Financial emergencies always arrive unannounced. It could range from a medical emergency to a family wedding to a sudden cash crunch before a family vacation. A personal loan from trusted sources such as the personal loan online is a great way to cover all your immediate financial needs without burning a hole in your savings. They also help improve your credit score as long as you make timely EMI payments.
Personal loans are lucrative for several reasons. These are unsecured loans, so you don’t require any collateral before availing one from any financial institution. Moreover, the lender does not monitor how you use this money, so you can use it in any way you please. It gives you a sense of financial freedom without having to compromise on your aspirations or dip into your savings. If your credit score is high, you can get the minimum interest rate applicable on your loan. An online personal loan is also easier to manage with its financial limit, unlike credit cards that charge high-interest rates and virtually limitless credit access.
So why do so many people still not trust personal loans? Several unscrupulous scamsters often pose as finance companies or NBFCs and dole out personal loans with attractive offers and deals. It lures people to get these loans and inevitably get into a debt trap.
Is there a way to distinguish between a genuine personal loan provider and a fraudulent lender? There are certain red flags you should look out for.
Things to Know While Choosing the Best Personal Loan Provider:
To get the most financial benefit from a personal loan and not incur unnecessary costs or debt, you must choose the right loan provider. You can identify and discard fraudulent personal loan providers by looking for certain red flags.
- High rate of interest:
The first and foremost red flag to stop you from opting for a personal loan is an exorbitant interest rate. The reason behind this is that interest rates increase your monthly expenditure. The higher the rate of interest, the higher the amount you need to pay on your EMI every month through the loan tenure. It also means that your EMIs will be made up of more interest than the principal amount every month.
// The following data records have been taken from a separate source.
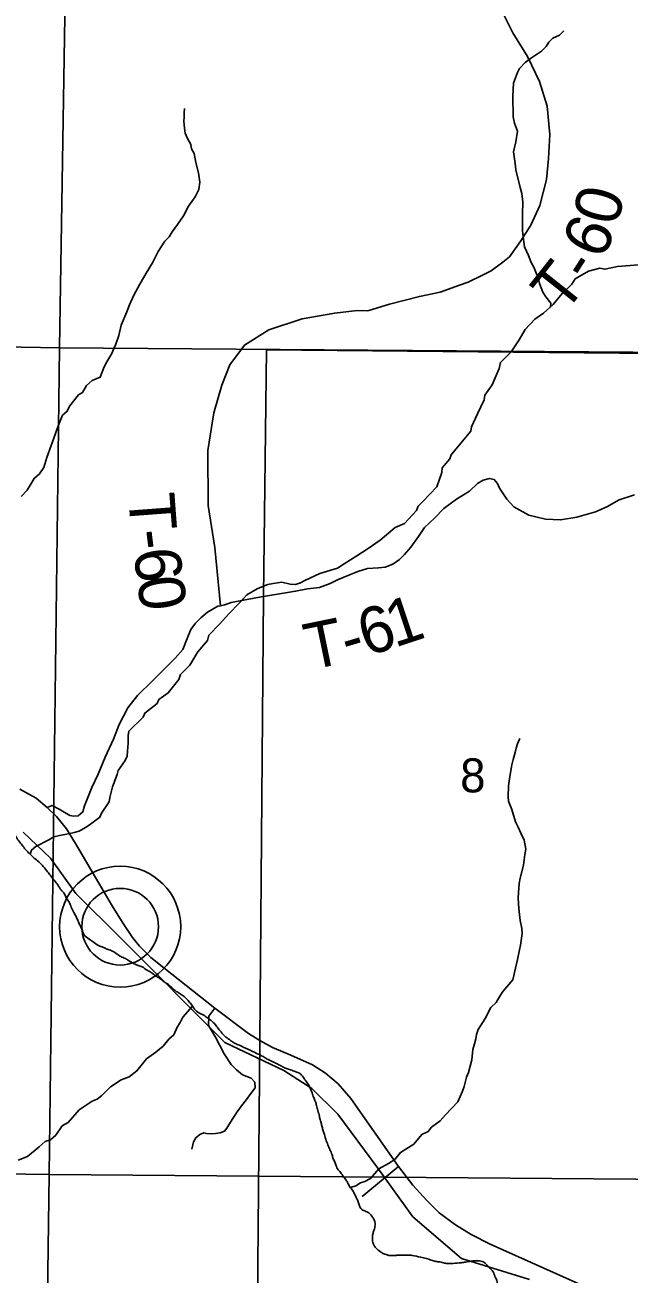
# Model space of a CAD drawing. Extents: x 0 to 191, y 0 to 55.
# Drawn here: x 148.459 to 148.831, y 19.371 to 20.139 of the extents above; entities that cross this region are included whole.
import ezdxf

# ---------------------------------------------------------------- set-up
doc = ezdxf.new("R2010")
doc.units = 0
for name, color, linetype in [('GM_X_Corporation', 7, 'Continuous'), ('GM_X_Minor_River', 7, 'Continuous'), ('GM_X_Rail_Line', 7, 'Continuous'), ('GM_X_Section_Text', 7, 'Continuous'), ('GM_X_State_Route', 7, 'Continuous'), ('GM_X_Township_Road', 7, 'Continuous'), ('GM_X_Township_Road_Text', 7, 'Continuous'), ('GM_X_Unincorporated', 7, 'Continuous'), ('GM_X_Unincorporated_Location', 7, 'Continuous')]:
    doc.layers.add(name, color=color, linetype=linetype)

msp = doc.modelspace()

# ---------------------------------------------------------------- linework, layer by layer
at = {"layer": 'GM_X_Corporation'}
msp.add_lwpolyline([(149.91399, 21.66502), (149.90793, 21.52064), (149.51981, 21.52878), (149.51691, 21.19595), (149.51218, 20.83281), (149.50627, 20.43118), (149.50476, 20.23346), (149.50131, 20.01186), (149.50163, 19.93083), (149.34339, 19.93301), (149.01689, 19.93705), (148.9116, 19.93663), (148.60782, 19.9395), (148.60599, 19.78812), (148.60369, 19.51507), (148.60074, 19.16895), (148.59988, 18.92019), (148.47736, 18.92075), (148.46737, 18.92047), (148.27305, 18.92256)], dxfattribs=at)
for points in [[(147.98029, 20.45945), (148.48878, 20.45041), (148.48051, 19.94079), (147.97486, 19.94949)], [(148.48878, 20.45041), (148.99652, 20.44079), (148.99576, 19.93695), (148.48051, 19.94079)], [(148.46264, 18.61761), (150.07549, 18.61761), (150.07549, 20.00272), (149.87411, 20.00453), (149.74513, 20.00707), (149.50131, 20.01186), (149.50163, 19.93083), (149.34339, 19.93301), (149.01689, 19.93705), (148.9116, 19.93663), (148.60782, 19.9395), (148.60599, 19.78812), (148.60369, 19.51507), (148.60074, 19.16895), (148.59988, 18.92019), (148.47736, 18.92075), (148.46737, 18.92047)], [(147.97486, 19.94949), (148.48051, 19.94079), (148.47431, 19.43234), (147.97418, 19.43959)], [(148.48051, 19.94079), (148.99576, 19.93695), (148.98937, 19.42831), (148.47431, 19.43234)], [(147.97418, 19.43959), (148.47431, 19.43234), (148.4672, 18.92122), (147.9684, 18.92831)], [(148.47431, 19.43234), (148.98937, 19.42831), (148.98207, 18.917), (148.4672, 18.92122)]]:
    msp.add_lwpolyline(points, close=True, dxfattribs=at)
at = {"layer": 'GM_X_Minor_River'}
for points in [[(148.78237, 19.96581), (148.7826, 19.96813), (148.77951, 19.97208), (148.77776, 19.97491), (148.7756, 19.9804), (148.77499, 19.98324), (148.77224, 19.99043), (148.77049, 19.99326), (148.76891, 19.99761), (148.76638, 20.0029), (148.7655, 20.01069), (148.76528, 20.01316), (148.76521, 20.01791), (148.76532, 20.02305), (148.76541, 20.03028), (148.76476, 20.03559), (148.76376, 20.03938), (148.76114, 20.05019), (148.7607, 20.05417), (148.75965, 20.06139), (148.76107, 20.06749), (148.76211, 20.07397), (148.76033, 20.07889), (148.75952, 20.08288), (148.75933, 20.09543), (148.75978, 20.10361), (148.76215, 20.11011), (148.76343, 20.1126), (148.76698, 20.11627), (148.77016, 20.11878), (148.7769, 20.12325), (148.77989, 20.12615), (148.78136, 20.12864), (148.78398, 20.13115), (148.78792, 20.13311), (148.79072, 20.13562)], [(148.45697, 19.8493), (148.4607, 19.85316), (148.46494, 19.86044), (148.46831, 19.86334), (148.4709, 19.86718), (148.47289, 19.87329), (148.47543, 19.88074), (148.47707, 19.88514), (148.47961, 19.89221), (148.48235, 19.89928), (148.48515, 19.9016), (148.48699, 19.90505), (148.49219, 19.91178), (148.49482, 19.91334), (148.49722, 19.91756), (148.50077, 19.92065), (148.50566, 19.92281), (148.50802, 19.92912), (148.50968, 19.93218), (148.51282, 19.93736), (148.5141, 19.94042), (148.5152, 19.9431), (148.51701, 19.94826), (148.51862, 19.95475), (148.5221, 19.96297), (148.52374, 19.96718), (148.5263, 19.97311), (148.52998, 19.97982), (148.53386, 19.98672), (148.53774, 19.99305), (148.54123, 19.99994), (148.5453, 20.00628), (148.5481, 20.00898), (148.54995, 20.01205), (148.5531, 20.01665), (148.5568, 20.02203), (148.55993, 20.02797), (148.56401, 20.03354), (148.56621, 20.03814), (148.5669, 20.04271), (148.56606, 20.04841), (148.56446, 20.05466), (148.56343, 20.06035), (148.56168, 20.06318), (148.56126, 20.06584), (148.55932, 20.06942), (148.55794, 20.07283), (148.55752, 20.07586), (148.55708, 20.08023), (148.55723, 20.08271), (148.55719, 20.08518), (148.55753, 20.08785)], [(148.4626, 19.62934), (148.46339, 19.6319), (148.466, 19.63403), (148.47408, 19.63813), (148.47708, 19.64007), (148.48066, 19.64088), (148.48614, 19.64191), (148.48972, 19.64272), (148.49274, 19.64352), (148.49649, 19.64586), (148.49893, 19.64722), (148.50548, 19.65207), (148.50639, 19.65455), (148.5112, 19.66165), (148.51154, 19.66432), (148.51315, 19.6708), (148.51607, 19.67845), (148.5166, 19.68092), (148.52105, 19.68707), (148.52214, 19.68975), (148.52248, 19.69279), (148.52278, 19.69774), (148.52272, 19.7023), (148.52325, 19.70497), (148.53201, 19.71365), (148.53311, 19.71613), (148.54059, 19.72194), (148.54169, 19.72443), (148.5475, 19.7285), (148.554, 19.73677), (148.5549, 19.73982), (148.56068, 19.7456), (148.56567, 19.75385), (148.57163, 19.76078), (148.57233, 19.76402), (148.57924, 19.77096), (148.58445, 19.77693), (148.59134, 19.78387), (148.59581, 19.78887), (148.60219, 19.79257), (148.60501, 19.79375), (148.60878, 19.79514), (148.61199, 19.79575), (148.61727, 19.79659), (148.6224, 19.79552), (148.62562, 19.79518), (148.62882, 19.79618), (148.63145, 19.79773), (148.64066, 19.80205), (148.65159, 19.80524), (148.65552, 19.80796), (148.6634, 19.81282), (148.67033, 19.81729), (148.67782, 19.82253), (148.68698, 19.83026), (148.69262, 19.83281), (148.70008, 19.84071), (148.70117, 19.84339), (148.70397, 19.84628), (148.71254, 19.85534), (148.71563, 19.86413), (148.71596, 19.86698), (148.72061, 19.87256), (148.72133, 19.87505), (148.72728, 19.88216), (148.73342, 19.88948), (148.73395, 19.89215), (148.73761, 19.90018), (148.74165, 19.9088), (148.74218, 19.91166), (148.74662, 19.91799), (148.75083, 19.92813), (148.75172, 19.93176), (148.75825, 19.93832), (148.76325, 19.94561), (148.76694, 19.95213), (148.7729, 19.9583), (148.77814, 19.96199), (148.78412, 19.96739), (148.7897, 19.97413), (148.79548, 19.97992), (148.7977, 19.98318), (148.80577, 19.98786), (148.81274, 19.98967), (148.81578, 19.98914), (148.8237, 19.99077), (148.83656, 19.9919)], [(148.65944, 19.42433), (148.66284, 19.42542), (148.66566, 19.42717), (148.66829, 19.42816), (148.67186, 19.42992), (148.67688, 19.43588), (148.68289, 19.4392), (148.68683, 19.44172), (148.69017, 19.44595), (148.69842, 19.45101), (148.70345, 19.45697), (148.7072, 19.45892), (148.70925, 19.46142), (148.71468, 19.4653), (148.71784, 19.46914), (148.72548, 19.47704), (148.72841, 19.48354), (148.72932, 19.48641), (148.73074, 19.49232), (148.73203, 19.49519), (148.734, 19.50281), (148.73466, 19.50929), (148.73574, 19.51272), (148.73664, 19.51578), (148.73698, 19.51844), (148.73807, 19.5215), (148.74233, 19.5284), (148.74582, 19.5351), (148.74899, 19.53818), (148.7514, 19.54202), (148.75325, 19.5449), (148.75939, 19.5522), (148.76099, 19.55926), (148.76223, 19.5646), (148.76347, 19.57051), (148.76399, 19.57336), (148.76502, 19.5806), (148.76479, 19.58364), (148.76377, 19.58857), (148.76291, 19.59597), (148.76262, 19.60243), (148.76276, 19.60585), (148.76325, 19.61137), (148.76377, 19.61461), (148.76592, 19.62262), (148.76677, 19.6291), (148.76729, 19.63252), (148.76626, 19.63802), (148.7645, 19.64199), (148.76255, 19.64595), (148.76099, 19.64935), (148.7586, 19.65692), (148.75664, 19.66203), (148.75641, 19.66469), (148.75669, 19.67134), (148.75736, 19.67725), (148.75824, 19.68182), (148.75877, 19.6843), (148.75948, 19.68754), (148.76074, 19.69193), (148.76127, 19.6946), (148.76217, 19.69727), (148.76364, 19.70053)], [(148.56235, 19.53592), (148.55648, 19.52923), (148.55483, 19.52578), (148.55298, 19.5231), (148.55097, 19.51832), (148.54779, 19.51561), (148.54426, 19.51138), (148.53977, 19.50771), (148.53415, 19.50345), (148.52821, 19.49614), (148.52334, 19.49247), (148.51845, 19.49069), (148.51189, 19.48622), (148.50667, 19.48102), (148.50386, 19.4787), (148.50066, 19.47752), (148.4926, 19.47208), (148.48591, 19.46439), (148.48215, 19.46224), (148.47845, 19.45668), (148.47508, 19.45378), (148.4717, 19.4526), (148.46815, 19.44951), (148.46085, 19.44351), (148.45521, 19.44115)]]:
    msp.add_lwpolyline(points, dxfattribs=at)
for points in [[(148.27162, 19.69552), (148.27391, 19.69364), (148.27601, 19.69137), (148.27906, 19.6893), (148.28155, 19.68704), (148.28422, 19.68516), (148.2867, 19.68327), (148.28918, 19.68158), (148.29184, 19.68008), (148.29756, 19.67708), (148.3006, 19.67539), (148.30327, 19.67464), (148.30669, 19.67353), (148.30954, 19.67279), (148.31182, 19.67223), (148.31429, 19.67149), (148.31676, 19.67131), (148.31941, 19.67209), (148.32188, 19.67249), (148.32453, 19.67326), (148.32718, 19.67423), (148.32964, 19.67519), (148.33285, 19.67655), (148.33607, 19.67752), (148.33854, 19.67791), (148.34309, 19.67794), (148.34632, 19.67777), (148.3486, 19.67741), (148.35107, 19.67724), (148.3543, 19.67688), (148.35695, 19.67689), (148.35923, 19.6771), (148.36435, 19.67713), (148.36682, 19.67677), (148.37005, 19.67603), (148.37233, 19.67509), (148.37519, 19.67435), (148.37766, 19.67361), (148.37994, 19.67305), (148.3826, 19.67231), (148.38564, 19.67176), (148.38811, 19.6714), (148.39191, 19.67066), (148.39571, 19.67012), (148.39894, 19.66976), (148.40122, 19.66939), (148.40388, 19.66884), (148.40635, 19.66829), (148.40863, 19.66773), (148.41148, 19.66661), (148.41529, 19.66531), (148.41833, 19.66419), (148.42081, 19.66287), (148.42424, 19.66081), (148.42691, 19.6593), (148.42919, 19.65856), (148.43243, 19.65611), (148.43491, 19.6548), (148.43719, 19.65386), (148.43986, 19.65236), (148.44253, 19.65048), (148.44559, 19.64727), (148.44788, 19.64557), (148.45036, 19.64331), (148.45265, 19.64162), (148.45456, 19.63897), (148.45667, 19.63613), (148.45859, 19.63368), (148.46107, 19.63084), (148.46337, 19.62858), (148.46566, 19.62651), (148.46852, 19.62406), (148.47062, 19.62179), (148.4733, 19.61858), (148.47522, 19.61612), (148.47752, 19.6131), (148.47962, 19.61045), (148.48154, 19.60743), (148.48365, 19.60497), (148.4848, 19.60251), (148.48653, 19.59986), (148.48788, 19.59683), (148.48942, 19.59361), (148.49077, 19.59096), (148.49192, 19.5885), (148.49308, 19.58585), (148.49443, 19.5832), (148.49578, 19.57979), (148.49883, 19.57715), (148.50131, 19.57546), (148.50456, 19.5732), (148.5076, 19.57208), (148.50988, 19.57095), (148.51255, 19.57002), (148.51521, 19.56852), (148.51826, 19.56645), (148.52112, 19.56514)], [(148.52112, 19.56514), (148.5236, 19.56364), (148.52893, 19.56101), (148.5314, 19.56008), (148.53445, 19.55801), (148.53693, 19.5567), (148.53979, 19.55444), (148.54208, 19.55312), (148.54494, 19.55086), (148.54761, 19.54917), (148.55009, 19.54691), (148.55238, 19.54502), (148.55486, 19.54352), (148.55715, 19.54182), (148.55963, 19.53937), (148.56155, 19.5371), (148.56308, 19.53484), (148.56557, 19.53219), (148.56861, 19.53069), (148.57128, 19.529), (148.57376, 19.52712), (148.57644, 19.52448), (148.57835, 19.52202), (148.58046, 19.51938), (148.58294, 19.51692), (148.5858, 19.51485), (148.58809, 19.51316), (148.59037, 19.51222), (148.59361, 19.51073), (148.59932, 19.50811), (148.60161, 19.50698), (148.60408, 19.50586), (148.60637, 19.50454), (148.60885, 19.50304), (148.61208, 19.50154), (148.61475, 19.50023), (148.61722, 19.49892), (148.61951, 19.49779), (148.62198, 19.49705), (148.62483, 19.49593), (148.62712, 19.49518), (148.62941, 19.49349), (148.63151, 19.49065), (148.63324, 19.4882), (148.63594, 19.48252), (148.6369, 19.47967), (148.63787, 19.4774), (148.63865, 19.47475), (148.63943, 19.47172), (148.6404, 19.46811), (148.64099, 19.46546), (148.64176, 19.46299), (148.64235, 19.46053), (148.64313, 19.45807), (148.64429, 19.45409), (148.64565, 19.45049), (148.64681, 19.44765), (148.64816, 19.44443), (148.64893, 19.44196), (148.65009, 19.4395), (148.65086, 19.43723), (148.6524, 19.43477), (148.65432, 19.43231), (148.65623, 19.42967), (148.65776, 19.4274), (148.65911, 19.42475), (148.66103, 19.42229), (148.66237, 19.41964), (148.66372, 19.4168), (148.66469, 19.41434), (148.66546, 19.41207), (148.66775, 19.41019), (148.67004, 19.40925), (148.67252, 19.4068), (148.67405, 19.40453), (148.67464, 19.40188), (148.67428, 19.39902), (148.67354, 19.39674), (148.67299, 19.39446), (148.673, 19.39218), (148.67378, 19.38915), (148.67589, 19.3865), (148.67856, 19.38443), (148.68142, 19.38312), (148.6837, 19.38257), (148.68692, 19.38259), (148.6892, 19.38279), (148.6947, 19.38283), (148.69736, 19.38265), (148.70268, 19.38155), (148.7061, 19.38081), (148.70914, 19.37969), (148.712, 19.37895), (148.71446, 19.37859), (148.71732, 19.37785), (148.71959, 19.37767), (148.72263, 19.37769)], [(148.72263, 19.37769), (148.72756, 19.37811), (148.73022, 19.3785), (148.73363, 19.3791), (148.73628, 19.3793), (148.7397, 19.37913), (148.74236, 19.37782), (148.74466, 19.37537), (148.74714, 19.37254), (148.7485, 19.36932), (148.74965, 19.36648), (148.74836, 19.36153), (148.7463, 19.35829), (148.74345, 19.3577), (148.73834, 19.35653), (148.73569, 19.35556), (148.73229, 19.35345), (148.72909, 19.34982), (148.72721, 19.34696), (148.72497, 19.34239), (148.72234, 19.3382), (148.72065, 19.33515), (148.7184, 19.33229), (148.71557, 19.32923), (148.71293, 19.32693), (148.70992, 19.32349), (148.70728, 19.32082), (148.70389, 19.31757), (148.70087, 19.31489), (148.69767, 19.31183), (148.69408, 19.30896), (148.6903, 19.30628), (148.68747, 19.30474), (148.68482, 19.30339), (148.68161, 19.30129), (148.67916, 19.29937), (148.67651, 19.29783), (148.67368, 19.2963), (148.67141, 19.29552), (148.66687, 19.29246), (148.66386, 19.28921), (148.6614, 19.28767), (148.65916, 19.28348), (148.65614, 19.28099), (148.65257, 19.27527), (148.65031, 19.27355), (148.64881, 19.27088), (148.64636, 19.26821), (148.64391, 19.26572), (148.64164, 19.26476), (148.63843, 19.26227), (148.63541, 19.26035), (148.63239, 19.25862), (148.62993, 19.25747), (148.62672, 19.25536), (148.62332, 19.25325), (148.62048, 19.25171), (148.61803, 19.24998), (148.61576, 19.24864), (148.61311, 19.24729), (148.60989, 19.24613), (148.60686, 19.24535), (148.60383, 19.24495), (148.59776, 19.24491), (148.59415, 19.24584), (148.5913, 19.2462), (148.58788, 19.24694), (148.58522, 19.24749), (148.58275, 19.24785), (148.58028, 19.24784), (148.57762, 19.24858), (148.57534, 19.24894), (148.57306, 19.24988), (148.5702, 19.25157), (148.56754, 19.25212), (148.56373, 19.25343)]]:
    msp.add_spline(points, degree=3, dxfattribs=at)
at = {"layer": 'GM_X_Rail_Line'}
msp.add_lwpolyline([(148.45823, 19.64287), (148.47503, 19.62698), (148.49064, 19.6051), (148.51818, 19.57796), (148.58216, 19.5135), (148.61856, 19.49636), (148.63577, 19.48518), (148.65175, 19.46957), (148.67637, 19.43636), (148.69778, 19.40637), (148.72775, 19.38066), (148.76951, 19.3678)], dxfattribs=at)
at = {"layer": 'GM_X_State_Route'}
for points in [[(148.45613, 19.66936), (148.46622, 19.66376), (148.47302, 19.65817), (148.4787, 19.65254), (148.48484, 19.64497), (148.49054, 19.63587), (148.51302, 19.59771), (148.51982, 19.58674), (148.52552, 19.57808), (148.52986, 19.57276), (148.53671, 19.56591), (148.54471, 19.55944), (148.57608, 19.53465)], [(148.57608, 19.53465), (148.5968, 19.51908), (148.60379, 19.5148), (148.61161, 19.51053), (148.6229, 19.50581), (148.63617, 19.49978), (148.64418, 19.49463), (148.65186, 19.48815), (148.65964, 19.47905), (148.68903, 19.43727), (148.69781, 19.42587), (148.70636, 19.41632), (148.71404, 19.40876), (148.72413, 19.40141), (148.73378, 19.39549), (148.74529, 19.38957), (148.81131, 19.36007)]]:
    msp.add_lwpolyline(points, dxfattribs=at)
at = {"layer": 'GM_X_Township_Road'}
msp.add_line((148.6666, 19.41878), (148.68903, 19.43727), dxfattribs=at)
for points in [[(148.75231, 19.99283), (148.75315, 19.99345), (148.75727, 19.99676), (148.76412, 20.00658), (148.77041, 20.0162), (148.77589, 20.02828), (148.77997, 20.04434), (148.78125, 20.05729), (148.78213, 20.07196), (148.78048, 20.08943), (148.77565, 20.10456), (148.76835, 20.11984), (148.75934, 20.13451), (148.74771, 20.15808), (148.74337, 20.1776), (148.7416, 20.19126), (148.74477, 20.20482), (148.75051, 20.21367), (148.76023, 20.22203), (148.76849, 20.22788), (148.77538, 20.23543), (148.77722, 20.23869), (148.77902, 20.24462)], [(148.6707, 19.96372), (148.68351, 19.96766), (148.70185, 19.97236), (148.71472, 19.97507), (148.72643, 19.97927), (148.7319, 19.98108), (148.74056, 19.98542), (148.74602, 19.98818), (148.75231, 19.99283)], [(148.57951, 19.78208), (148.57602, 19.81796), (148.57194, 19.84375), (148.57171, 19.8776), (148.57547, 19.90087), (148.58048, 19.91788), (148.58539, 19.93034), (148.59429, 19.94248), (148.60932, 19.95188), (148.62972, 19.95852), (148.64979, 19.96211), (148.66363, 19.96369), (148.66972, 19.96342), (148.6707, 19.96372)], [(148.60365, 19.78739), (148.60609, 19.78785), (148.62571, 19.79109), (148.63309, 19.79255), (148.64048, 19.79344), (148.64709, 19.79584), (148.65161, 19.79802), (148.6584, 19.80099), (148.66406, 19.80318), (148.66992, 19.805), (148.67674, 19.8055), (148.68072, 19.80595), (148.68544, 19.80775), (148.68957, 19.81068), (148.69275, 19.81358), (148.69665, 19.81822), (148.70129, 19.82477), (148.70498, 19.83035), (148.71115, 19.83597), (148.71693, 19.84197), (148.72462, 19.84762), (148.7327, 19.85253), (148.73755, 19.85737), (148.74113, 19.85933), (148.74491, 19.86035), (148.74777, 19.85983), (148.7499, 19.8574), (148.75109, 19.85456), (148.75559, 19.84761), (148.75985, 19.84293), (148.76906, 19.83777), (148.77936, 19.83548), (148.78868, 19.83489), (148.79872, 19.83659), (148.81006, 19.83984), (148.81704, 19.843), (148.82475, 19.84733), (148.83419, 19.85035)], [(148.47302, 19.65817), (148.47617, 19.65923), (148.48034, 19.65715), (148.48703, 19.65309), (148.48933, 19.65276), (148.49208, 19.65298), (148.49493, 19.65539), (148.49604, 19.6591), (148.5004, 19.67039), (148.50443, 19.67864), (148.50862, 19.68898), (148.51373, 19.7001), (148.51737, 19.7091), (148.52269, 19.71946), (148.52864, 19.72698), (148.53779, 19.73589), (148.54563, 19.74383), (148.55179, 19.74984), (148.55644, 19.75524), (148.55917, 19.76195), (148.56135, 19.7675), (148.56412, 19.77154), (148.56749, 19.77464), (148.57161, 19.77814), (148.578, 19.78187), (148.57951, 19.78208), (148.58235, 19.78271), (148.58613, 19.7841), (148.60365, 19.78739)], [(148.57608, 19.53465), (148.57246, 19.52983), (148.57213, 19.52412), (148.57641, 19.51678), (148.58178, 19.50669), (148.58617, 19.50011), (148.58935, 19.49671), (148.59319, 19.49364), (148.59834, 19.49155), (148.60075, 19.48914), (148.60086, 19.48563), (148.59821, 19.48223), (148.59561, 19.47858), (148.59246, 19.47453), (148.58986, 19.47087), (148.58708, 19.46683), (148.58468, 19.46298), (148.58358, 19.46087), (148.58209, 19.45914), (148.57945, 19.45795), (148.57661, 19.45752), (148.57414, 19.45747), (148.57091, 19.45761), (148.56938, 19.45796), (148.56693, 19.45697), (148.5645, 19.45502), (148.56302, 19.45252), (148.56196, 19.44794)]]:
    msp.add_lwpolyline(points, dxfattribs=at)
at = {"layer": 'GM_X_Unincorporated'}
for radius in [0.0372, 0.02358]:
    msp.add_circle((148.5179, 19.58479), radius, dxfattribs=at)
at = {"layer": 'GM_X_Unincorporated_Location'}
msp.add_line((148.5179, 19.58479), (148.5179, 19.58479), dxfattribs=at)

# ---------------------------------------------------------------- texts
at = {"layer": 'GM_X_Section_Text'}
msp.add_text('8', height=0.02093, rotation=0.00001, dxfattribs=at).set_placement((148.72692, 19.66738))
at = {"layer": 'GM_X_Township_Road_Text'}
for s, rotation, p in [('0', 75.6171, (148.82329, 20.01505)), ('6', 65.95303, (148.81444, 19.99414)), ('T', 51.5296, (148.79089, 19.96103)), ('-', 57.36159, (148.80594, 19.98023)), ('T', 274.28532, (148.52284, 19.85053)), ('-', 276.92848, (148.52456, 19.82792)), ('6', 277.30959, (148.526, 19.81614)), ('0', 277.43941, (148.52823, 19.79871)), ('1', 18.36353, (148.68667, 19.75628)), ('6', 17.20145, (148.66935, 19.75092)), ('T', 11.65116, (148.63445, 19.74254)), ('-', 16.62641, (148.65787, 19.74749))]:
    msp.add_text(s, height=0.02841, rotation=rotation, dxfattribs=at).set_placement(p)

doc.saveas('drawing.dxf')

It adds up to a longer tenure and a higher than necessary cost on your borrowing.
Interest rates on personal loans vary from lender to lender. The only way to understand which loan is better for you is by comparing each loan offering and assessing the overall rate in the market. With multiple quotes, you can understand where you’re overpaying and how you can avoid such a trap.
- Longer loan tenure:
Sometimes lenders make it seem like you’ll be paying minuscule EMIs each month to repay the loan. It seems lucrative until you realise that this amounts to a longer loan tenure and a debt trap that will last more years than necessary. It means you end up paying more interest than needed and can also interfere with your other financial needs and goals.
To avoid this trap, make sure you compare personal loan tenures and the borrowing costs that various loan providers are offering. Using a personal loan EMI calculator can also tell you what portion of your EMI is interest and which part is the principal amount. If one personal loan EMI is lower only because the tenure is longer, choose a different lender.
- Expensive loan processing and miscellaneous charges:
If you need to pay a large sum of money just to get a loan, it will take you farther from your goal by reducing your available finances. Some lenders and NBFCs levy processing fees and other charges, while others don’t. Always compare loans and miscellaneous charges before choosing a lender.
- High loan prepayment charges:
Anyone who borrows a personal loan wants the flexibility of repaying their loan faster if possible to avoid the high-interest charges. Most lenders and NBFCs levy a loan prepayment charge, with the rate and fee varying from one lender to another. Make sure you compare the loan prepayment charges of multiple lenders before settling on one.
A fraudulent personal loan provider will always have high charges and penalties for loan prepayments. Often, these charges are higher than the interest the borrower will save through prepayment. It is meant to discourage loan prepayment so you remain in the debt cycle longer and pay more interest. Most lenders usually allow loan prepayment with nominal prepayment charges, so there’s no reason to choose someone that levies a higher fee.
https://zaratechs.com/category/technology/
To compare the different aspects of personal loans and EMIs, use a reliable personal loan EMI calculator and see the EMI breakup accurately.